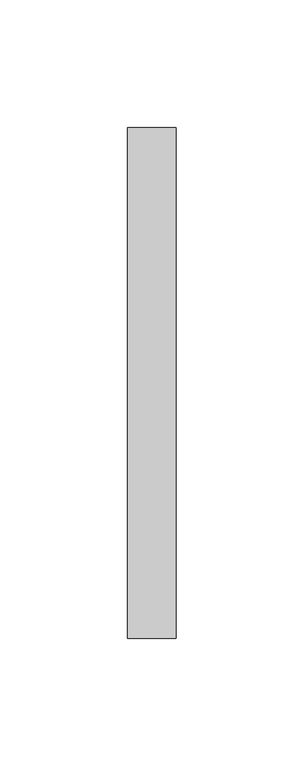
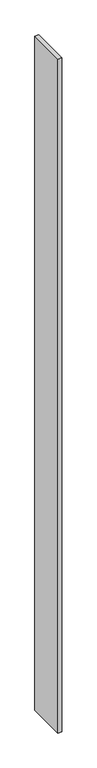
"""IFC4 building model written with IfcOpenShell, lengths in millimetres: proxy geometry, Inner panel:Inner panel:1:Inner panel:1 : Inner panel:Inner panel:300324:300043:Inner panel:1:Inner panel:1 : Inner panel:Inner panel:300324:300043 : Inner panel:Inner panel:1:Inner panel:1 : Inner panel:Inner panel:300324:300043:3 : Inner panel:Inner panel:1:Inner panel:1 : Inner panel:Inner panel:300324:300043:Inner panel:1:Inner panel:1 : Inner panel:Inner panel:300324:300043 : Inner panel:Inner panel:1:Inner panel:1 : Inner panel:Inner panel:300324:300043:300031."""

from ifc_helpers import new_model, si_unit, frame, origin, place, context, project, spatial, polyline, outline, extrude, source, transform, mapped, element, save


def generic_models_162e9f92(model_context):
    return source(origin(), model_context, "Body", "SweptSolid", [
        extrude(outline(polyline([(593719.0367239, -578797.4913841), (593738.0867239, -578797.4913841), (593738.0867239, -578997.5163841), (593719.0367239, -578997.5163841), (593719.0367239, -578797.4913841)])), frame((0.0, 0.0, 44.45), z_axis=(0.0, 0.0, 1.0), x_axis=(1.0, 0.0, 0.0)), (0.0, 0.0, 1.0), 3570.1761997),
    ])


if __name__ == "__main__":
    model = new_model("IFC4")
    model_context = context("Model", 3, world=origin())
    ifc_project = project(units=[si_unit("LENGTHUNIT", "METRE", prefix="MILLI")], contexts=[model_context])
    site = spatial("IfcSite", under=ifc_project)
    building = spatial("IfcBuilding", under=site)
    placement = place(None, origin())
    generic_models_shape = generic_models_162e9f92(model_context)
    element("IfcBuildingElementProxy", 1, Name="Inner panel:Inner panel:1:Inner panel:1 : Inner panel:Inner panel:300324:300043:Inner panel:1:Inner panel:1 : Inner panel:Inner panel:300324:300043 : Inner panel:Inner panel:1:Inner panel:1 : Inner panel:Inner panel:300324:300043:3 : Inner panel:Inner panel:1:Inner panel:1 : Inner panel:Inner panel:300324:300043:Inner panel:1:Inner panel:1 : Inner panel:Inner panel:300324:300043 : Inner panel:Inner panel:1:Inner panel:1 : Inner panel:Inner panel:300324:300043:300031", ObjectType="Inner panel:Inner panel:1:Inner panel:1 : Inner panel:Inner panel:300324:300043:Inner panel:1:Inner panel:1 : Inner panel:Inner panel:300324:300043 : Inner panel:Inner panel:1:Inner panel:1 : Inner panel:Inner panel:300324:300043:3 : Inner panel:Inner panel:1:Inner panel:1 : Inner panel:Inner panel:300324:300043:Inner panel:1:Inner panel:1 : Inner panel:Inner panel:300324:300043 : Inner panel:Inner panel:1:Inner panel:1 : Inner panel:Inner panel:300324:300043:300031", at=placement, inside=building, context=model_context, shape_type="MappedRepresentation", body=[
        mapped(generic_models_shape, transform((0.0, 0.0, 0.0), x_axis=(1.0, 0.0, 0.0), y_axis=(0.0, 1.0, 0.0), z_axis=(0.0, 0.0, 1.0))),
    ])
    save(model, "model.ifc")

# Revit data of these elements
# Type "Inner panel:Inner panel:1:Inner panel:1 : Inner panel:Inner panel:300324:300043:Inner panel:1:Inner panel:1 : Inner panel:Inner panel:300324:300043 : Inner panel:Inner panel:1:Inner panel:1 : Inner panel:Inner panel:300324:300043:3 : Inner panel:Inner panel:1:Inner panel:1 : Inner panel:Inner panel:300324:300043:Inner panel:1:Inner panel:1 : Inner panel:Inner panel:300324:300043 : Inner panel:Inner panel:1:Inner panel:1 : Inner panel:Inner panel:300324:300043:300031"
#   NameOverride = "Inner panel:Inner panel:1:Inner panel:1 : Inner panel:Inner panel:300324:300043:Inner panel:1:Inner panel:1 : Inner panel:Inner panel:300324:300043 : Inner panel:Inner panel:1:Inner panel:1 : Inner panel:Inner panel:300324:300043:300031"
#   ObjectTypeOverride = "Inner panel:1:Inner panel:1 : Inner panel:Inner panel:300324:300043 : Inner panel:Inner panel:1:Inner panel:1 : Inner panel:Inner panel:300324:300043"
#   Reference = "Inner panel"
#   Tag = "300031"
# Element 1 (IfcBuildingElementProxy, "Inner panel:Inner panel:1:Inner panel:1 : Inner panel:Inner panel:300324:300043:Inner panel:1:Inner panel:1 : Inner panel:Inner panel:300324:300043 : Inner panel:Inner panel:1:Inner panel:1 : Inner panel:Inner panel:300324:300043:3 : Inner panel:Inner panel:1:Inner panel:1 : Inner panel:Inner panel:300324:300043:Inner panel:1:Inner panel:1 : Inner panel:Inner panel:300324:300043 : Inner panel:Inner panel:1:Inner panel:1 : Inner panel:Inner panel:300324:300043:300031")
#   Materials on its faces: "¾” (CLASS A) FIRE RETARDANT PLYWOOD ...OR… IF 1/4\" GYP. BD UNDER PLYWOOD, FLAME SPREAD TO BE CLASS C -  (FINISH: GRADE B - PREFINISHED STAINED/SEALED) - 1/4\" GAP BTWN PANELS (FASTENERS T.B.D.)"
# Materials
#   "¾” (CLASS A) FIRE RETARDANT PLYWOOD ...OR… IF 1/4\" GYP. BD UNDER PLYWOOD, FLAME SPREAD TO BE CLASS C -  (FINISH: GRADE B - PREFINISHED STAINED/SEALED) - 1/4\" GAP BTWN PANELS (FASTENERS T.B.D.)": class "Wood", colour RGB 149 120 74, transparency 0, Description = "Plywood, sheathing grade", Cost = 0

+ + + + +

* **DIRECTIONS FOR THIS TASK**: Using the listing above, tally how many lines include the word "save". Write only the number.

* **OUTPUT OF THE EXERCISE**: 2